• _Task requirements_: Repeat, exactly and completely, the entries shown underneath.

• _Data provided_:
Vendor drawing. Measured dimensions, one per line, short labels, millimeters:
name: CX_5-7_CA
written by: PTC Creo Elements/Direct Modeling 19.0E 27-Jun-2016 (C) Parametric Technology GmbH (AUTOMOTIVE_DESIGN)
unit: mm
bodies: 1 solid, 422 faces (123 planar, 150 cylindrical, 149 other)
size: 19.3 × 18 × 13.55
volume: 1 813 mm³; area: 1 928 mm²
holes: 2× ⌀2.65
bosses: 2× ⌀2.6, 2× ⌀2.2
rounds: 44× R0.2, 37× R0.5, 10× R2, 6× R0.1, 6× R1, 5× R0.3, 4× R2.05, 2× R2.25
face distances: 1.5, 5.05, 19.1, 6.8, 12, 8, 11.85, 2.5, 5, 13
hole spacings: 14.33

• _Solution_:
Vendor drawing. Measured dimensions, one per line, short labels, millimeters:
name: CX_5-7_CA
written by: PTC Creo Elements/Direct Modeling 19.0E 27-Jun-2016 (C) Parametric Technology GmbH (AUTOMOTIVE_DESIGN)
unit: mm
bodies: 1 solid, 422 faces (123 planar, 150 cylindrical, 149 other)
size: 19.3 × 18 × 13.55
volume: 1 813 mm³; area: 1 928 mm²
holes: 2× ⌀2.65
bosses: 2× ⌀2.6, 2× ⌀2.2
rounds: 44× R0.2, 37× R0.5, 10× R2, 6× R0.1, 6× R1, 5× R0.3, 4× R2.05, 2× R2.25
face distances: 1.5, 5.05, 19.1, 6.8, 12, 8, 11.85, 2.5, 5, 13
hole spacings: 14.33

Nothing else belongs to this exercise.